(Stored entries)
------------
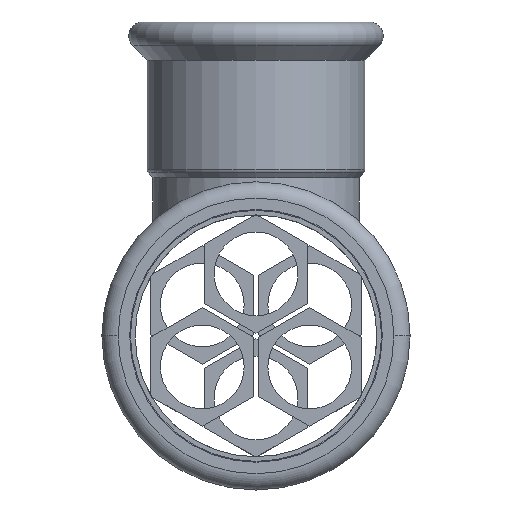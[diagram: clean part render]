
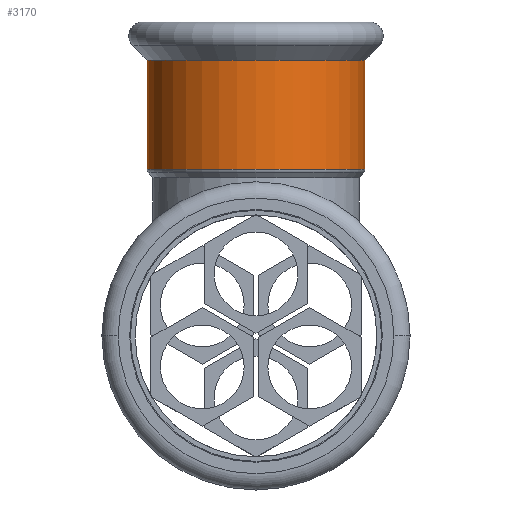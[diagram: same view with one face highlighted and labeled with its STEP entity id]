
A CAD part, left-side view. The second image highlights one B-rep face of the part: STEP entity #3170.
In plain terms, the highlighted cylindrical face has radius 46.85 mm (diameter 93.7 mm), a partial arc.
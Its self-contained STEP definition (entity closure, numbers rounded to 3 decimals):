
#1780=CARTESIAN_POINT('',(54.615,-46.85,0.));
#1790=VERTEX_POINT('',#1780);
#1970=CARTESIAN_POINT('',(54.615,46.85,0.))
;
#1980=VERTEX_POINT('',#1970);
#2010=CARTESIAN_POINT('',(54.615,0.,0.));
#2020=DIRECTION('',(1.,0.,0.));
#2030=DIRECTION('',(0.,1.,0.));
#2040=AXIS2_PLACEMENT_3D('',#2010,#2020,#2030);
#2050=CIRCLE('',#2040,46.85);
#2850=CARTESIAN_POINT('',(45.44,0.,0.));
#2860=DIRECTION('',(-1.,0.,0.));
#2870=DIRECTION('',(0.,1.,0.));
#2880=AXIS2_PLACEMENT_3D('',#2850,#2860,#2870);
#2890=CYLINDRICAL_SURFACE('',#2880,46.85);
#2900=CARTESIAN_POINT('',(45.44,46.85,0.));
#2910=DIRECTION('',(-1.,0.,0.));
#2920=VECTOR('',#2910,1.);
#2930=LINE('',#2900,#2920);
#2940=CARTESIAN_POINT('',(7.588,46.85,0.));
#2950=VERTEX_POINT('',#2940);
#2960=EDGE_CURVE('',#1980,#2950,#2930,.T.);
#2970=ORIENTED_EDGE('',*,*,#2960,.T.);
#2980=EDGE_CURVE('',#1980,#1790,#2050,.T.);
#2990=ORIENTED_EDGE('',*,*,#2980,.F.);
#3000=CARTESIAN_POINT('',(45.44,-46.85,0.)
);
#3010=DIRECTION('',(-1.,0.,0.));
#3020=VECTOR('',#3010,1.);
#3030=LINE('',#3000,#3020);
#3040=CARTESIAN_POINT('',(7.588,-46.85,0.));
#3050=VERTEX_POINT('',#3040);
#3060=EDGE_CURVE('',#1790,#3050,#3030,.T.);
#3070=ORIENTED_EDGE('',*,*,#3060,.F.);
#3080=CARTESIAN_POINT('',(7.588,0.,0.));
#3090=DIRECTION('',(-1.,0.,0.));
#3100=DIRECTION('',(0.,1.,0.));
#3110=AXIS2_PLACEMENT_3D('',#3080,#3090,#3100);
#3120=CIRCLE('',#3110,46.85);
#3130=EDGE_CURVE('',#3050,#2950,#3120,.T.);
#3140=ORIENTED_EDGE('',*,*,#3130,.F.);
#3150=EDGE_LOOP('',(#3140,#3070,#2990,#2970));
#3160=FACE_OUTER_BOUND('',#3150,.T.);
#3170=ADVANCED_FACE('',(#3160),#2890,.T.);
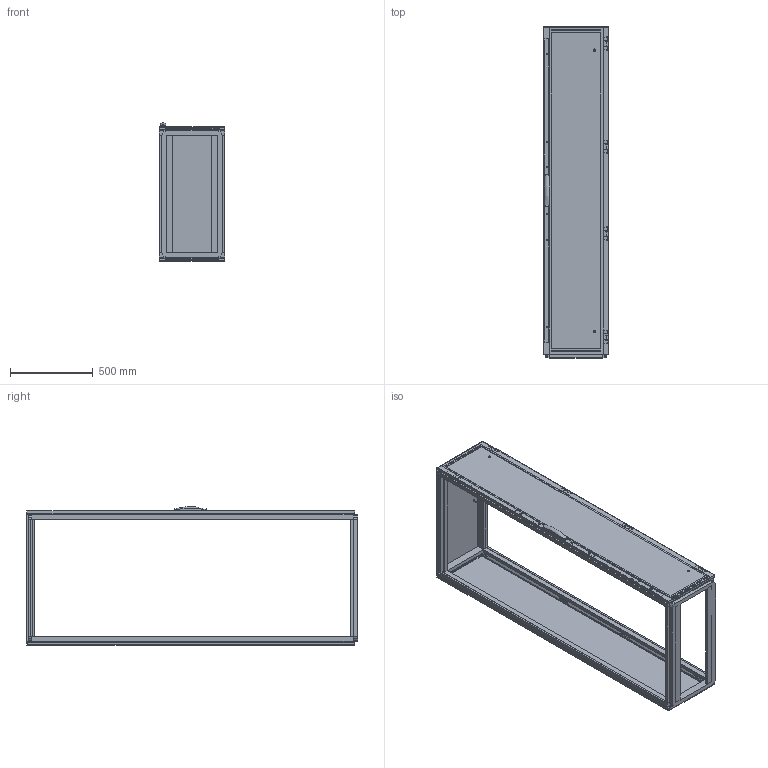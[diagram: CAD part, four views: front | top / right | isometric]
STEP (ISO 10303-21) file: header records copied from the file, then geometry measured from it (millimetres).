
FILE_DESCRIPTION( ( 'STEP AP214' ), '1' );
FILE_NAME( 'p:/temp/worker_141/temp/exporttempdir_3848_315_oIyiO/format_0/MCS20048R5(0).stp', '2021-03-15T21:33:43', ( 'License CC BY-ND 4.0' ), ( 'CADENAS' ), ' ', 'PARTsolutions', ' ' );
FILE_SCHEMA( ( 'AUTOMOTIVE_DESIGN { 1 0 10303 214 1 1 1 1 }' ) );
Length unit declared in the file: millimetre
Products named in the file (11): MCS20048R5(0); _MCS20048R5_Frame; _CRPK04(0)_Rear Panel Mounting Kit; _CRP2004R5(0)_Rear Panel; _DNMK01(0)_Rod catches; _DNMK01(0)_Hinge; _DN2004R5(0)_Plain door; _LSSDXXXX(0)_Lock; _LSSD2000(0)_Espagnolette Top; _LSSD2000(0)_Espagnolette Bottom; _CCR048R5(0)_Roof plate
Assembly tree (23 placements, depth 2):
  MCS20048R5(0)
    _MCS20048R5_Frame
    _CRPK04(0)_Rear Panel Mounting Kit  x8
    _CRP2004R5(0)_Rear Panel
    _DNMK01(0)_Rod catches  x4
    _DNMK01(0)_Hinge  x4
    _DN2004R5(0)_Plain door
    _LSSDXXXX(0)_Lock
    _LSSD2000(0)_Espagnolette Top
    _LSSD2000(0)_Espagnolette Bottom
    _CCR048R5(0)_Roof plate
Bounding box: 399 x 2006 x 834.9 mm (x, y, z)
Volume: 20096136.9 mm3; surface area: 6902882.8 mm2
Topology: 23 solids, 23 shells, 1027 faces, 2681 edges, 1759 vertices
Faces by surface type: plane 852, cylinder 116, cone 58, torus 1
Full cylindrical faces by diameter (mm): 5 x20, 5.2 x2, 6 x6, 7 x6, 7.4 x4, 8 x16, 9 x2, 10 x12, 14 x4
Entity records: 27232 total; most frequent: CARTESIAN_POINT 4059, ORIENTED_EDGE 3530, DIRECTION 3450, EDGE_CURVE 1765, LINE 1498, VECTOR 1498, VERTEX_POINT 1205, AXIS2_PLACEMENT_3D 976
------------
> [TASK GOAL] Your response must consist of the lines from the beginning of the data through the line containing "#3050=VERTEX_POINT('',#3040);", transcribed exactly, with no pictures.

> [ANSWER SECTION]
[diagram: clean part render]
[diagram: same view with one face highlighted and labeled with its STEP entity id]
A CAD part, left-side view. The second image highlights one B-rep face of the part: STEP entity #3170.
In plain terms, the highlighted cylindrical face has radius 46.85 mm (diameter 93.7 mm), a partial arc.
Its self-contained STEP definition (entity closure, numbers rounded to 3 decimals):
#1780=CARTESIAN_POINT('',(54.615,-46.85,0.));
#1790=VERTEX_POINT('',#1780);
#1970=CARTESIAN_POINT('',(54.615,46.85,0.))
;
#1980=VERTEX_POINT('',#1970);
#2010=CARTESIAN_POINT('',(54.615,0.,0.));
#2020=DIRECTION('',(1.,0.,0.));
#2030=DIRECTION('',(0.,1.,0.));
#2040=AXIS2_PLACEMENT_3D('',#2010,#2020,#2030);
#2050=CIRCLE('',#2040,46.85);
#2850=CARTESIAN_POINT('',(45.44,0.,0.));
#2860=DIRECTION('',(-1.,0.,0.));
#2870=DIRECTION('',(0.,1.,0.));
#2880=AXIS2_PLACEMENT_3D('',#2850,#2860,#2870);
#2890=CYLINDRICAL_SURFACE('',#2880,46.85);
#2900=CARTESIAN_POINT('',(45.44,46.85,0.));
#2910=DIRECTION('',(-1.,0.,0.));
#2920=VECTOR('',#2910,1.);
#2930=LINE('',#2900,#2920);
#2940=CARTESIAN_POINT('',(7.588,46.85,0.));
#2950=VERTEX_POINT('',#2940);
#2960=EDGE_CURVE('',#1980,#2950,#2930,.T.);
#2970=ORIENTED_EDGE('',*,*,#2960,.T.);
#2980=EDGE_CURVE('',#1980,#1790,#2050,.T.);
#2990=ORIENTED_EDGE('',*,*,#2980,.F.);
#3000=CARTESIAN_POINT('',(45.44,-46.85,0.)
);
#3010=DIRECTION('',(-1.,0.,0.));
#3020=VECTOR('',#3010,1.);
#3030=LINE('',#3000,#3020);
#3040=CARTESIAN_POINT('',(7.588,-46.85,0.));
#3050=VERTEX_POINT('',#3040);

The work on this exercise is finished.